UK economy encouraging start to 2023
Macro & Overnight
Yesterday’s ADP data suggest a resilient US labour market. All eyes will be on today’s non-farm numbers. Consensus expects a c.200K increase in December payrolls following a 263K gain in November.
Individual cases of job cuts continue to make headlines, with Amazon, Genesis, Stitch Fix, Salesforce and Slack all announcing cuts.

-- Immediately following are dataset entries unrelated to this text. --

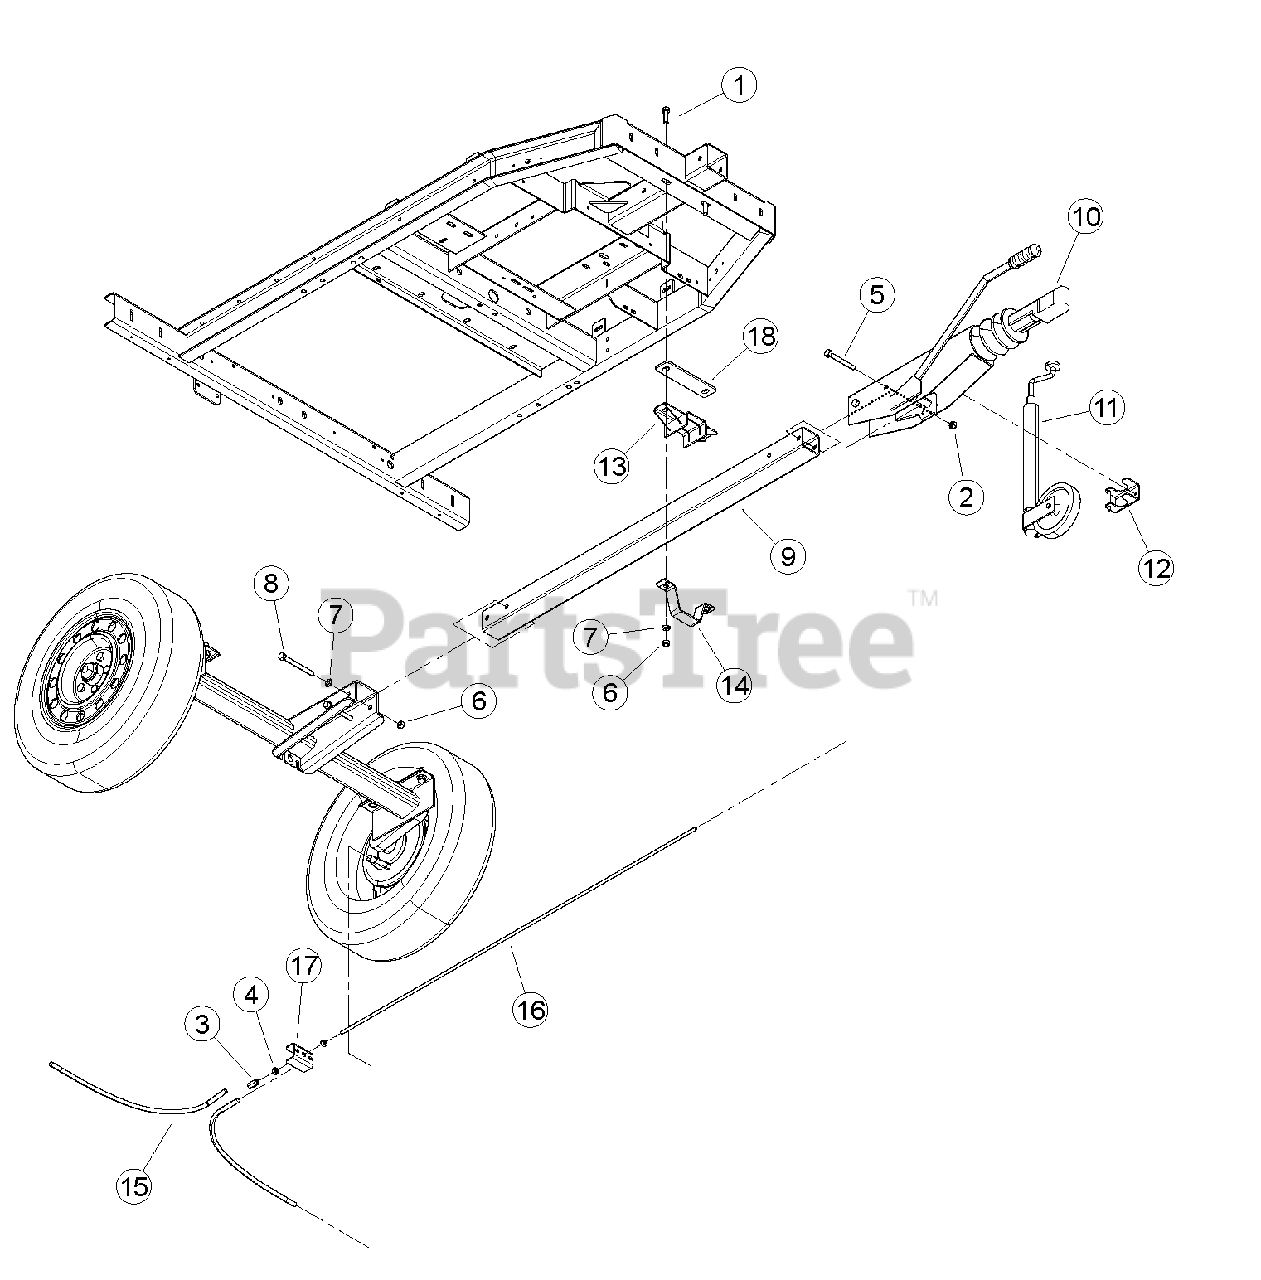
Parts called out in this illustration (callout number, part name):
1	BOLT, M12 X 1.75 X 40 GR8.8 HCPS
2	NUT, M12 X 1.75 HEX NYLOCK TYPE NEY ZP
3	BOLT, 12MM LUG FOR WHEELS
4	NUT, SPHERICAL M10 X 35MM
5	NUT, M10 HEX
6	BOLT, M12 X 100 CLASS 10.9
7	NUT, M12 HEX
8	WASHER, M12 FLAT
9	BOLT, M12 X 120 CLASS 10.9
10	DRAWBAR, 70MM X 70MM
11	COUPLER, 50MM W/ BRAKE HANDLE
12	JACK, JOCKEY WHEEL
13	CLAMP, JOCKEY WHEEL
14	MOUNT, FRONT DRAWBAR
15	CLAMP, FRONT DRAWBAR
16	CABLE, AXLE BRAKES SHORT
17	ROD, BRAKE CONTROL
18	BRACKET, BALANCE BAR
19	PLATE, DRAWBAR MOUNT

However, tech employment is a small portion of the US job market, so the noise is less impactful than the headlines suggest.
FOMC member and recent uber hawk Bullard talked with a slightly dovish tone by saying rates are getting closer to a “sufficiently restrictive zone”. This comment translates as “we have nearly done enough damage.”
While we all might think COVID is behind us, a new variant classed as a highly transmissible sub-variant first detected in October is now in 25 countries. There needs to be more data to understand how severe its impact will be. The Lockdown of 2023, anyone?
Meanwhile, China is trying to open up rapidly post its recent lockdowns. The NASDAQ Golden Dragon Index is up 15% in the first three trading days of the year. The critical question is whether this is inflationary (by adding to cost pressures) or deflationary (by adding to the supply of manufactured goods). Firmer oil prices might suggest that China’s re-opening will have at least some inflationary impact.
We got poor results and reduced guidance from Samsung in South Korea and Costco results that were ahead of analyst estimates. Intuitively, we spend more with discount retailers and less on high-end consumer discretionary items such as smartphones and smart TVs as household budgets tighten.
According to mortgage provider Halifax, average house prices dropped 1.5% between November and December, marking a slowdown from the 2.4% drop recorded between October and November. While it is apparent that housing market activity has fallen quickly, how quickly house prices fall is still being determined.
Overall, the UK economy has had an encouraging early start to 2023 with lower gas prices and signs of consumer resilience from leading retailers Next and Greggs.
UK Company News
Shipping services provider Clarkson updated on FY results that are anticipated to be ahead of current market expectations and at least £98m of PBT. This short but upbeat declaration represents a high teens upgrade to consensus forecasts.
Essentra issued its first trading update since its transition to a pure component manufacturer. It expects to deliver a “robust” performance in 2022, with like-for-like revenue expected to grow by 6.5% against the previous year. It expects profit to be in line with expectations. Essentra noted that its business saw slower economic growth in 2022 due to toughening market headwinds. Coupled with a strong comparative for its final quarter, it said sales have consequently fallen by 3.0% compared with the year prior. Essentra is focused on maintaining profit margins.
Shell issued a trading update and noted the impact of recently announced additional taxes in the EU and the deferred tax impact from the increased UK energy profits levy on its fourth-quarter earnings. It said it expects the impact to total around $2bn and will have a “limited” cash impact in the period, given the expected timing of payment. Shell points to lower oil and gas volumes Q/Q but stronger margins. This update paves the way for more share buybacks and calls for more windfall profits taxes.
NB Prices are as at the previous day’s close.
This communication is provided for information purposes only, and is not a solicitation or inducement to buy, sell, subscribe, or underwrite securities or units. Investors should seek advice from an Independent Financial Adviser or regulated stockbroker before making any investment decisions. Progressive Equity Research Ltd (“PERL”) does not make investment recommendations. Opinions contained in this communication represent those of the research department of PERL at the time of publication. PERL does not undertake to provide updates to any opinions or views expressed in this document. PERL does not hold any positions in the securities mentioned in this email. However, PERL’s directors, officers, employees and contractors may have a position in, and PERL or its affiliates may perform services or solicit business from, any of the companies or related securities mentioned in this document.